* _PROMPT_: Write out the listing below in full and exactly, leaving out every picture.

* _RECORDS FOR THE EXERCISE_:
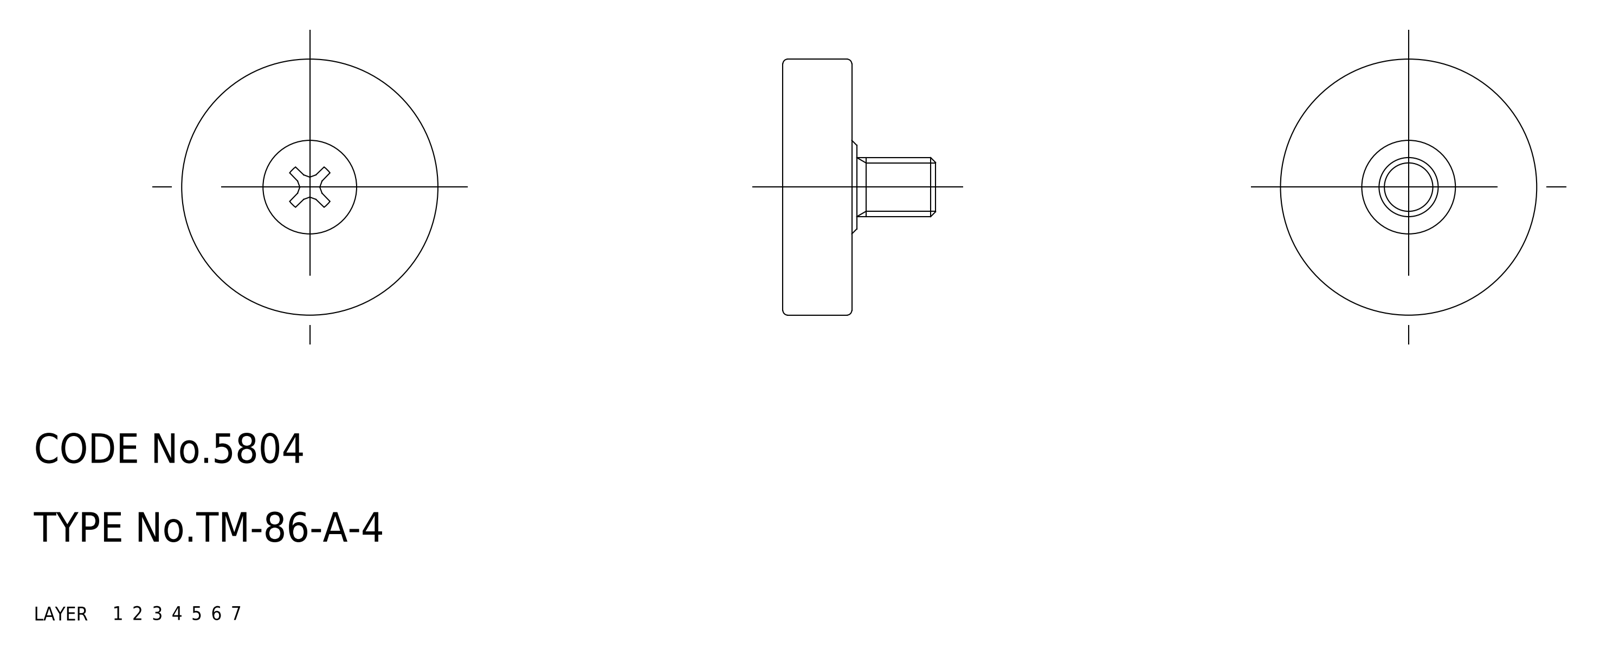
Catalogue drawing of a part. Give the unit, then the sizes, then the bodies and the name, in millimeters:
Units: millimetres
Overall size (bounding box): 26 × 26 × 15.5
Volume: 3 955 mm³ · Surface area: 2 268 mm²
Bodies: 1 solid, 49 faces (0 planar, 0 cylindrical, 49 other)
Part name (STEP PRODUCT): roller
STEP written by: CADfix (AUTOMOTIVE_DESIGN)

* _ANSWER TO THIS TASK_:
Catalogue drawing of a part. Give the unit, then the sizes, then the bodies and the name, in millimeters:
Units: millimetres
Overall size (bounding box): 26 × 26 × 15.5
Volume: 3 955 mm³ · Surface area: 2 268 mm²
Bodies: 1 solid, 49 faces (0 planar, 0 cylindrical, 49 other)
Part name (STEP PRODUCT): roller
STEP written by: CADfix (AUTOMOTIVE_DESIGN)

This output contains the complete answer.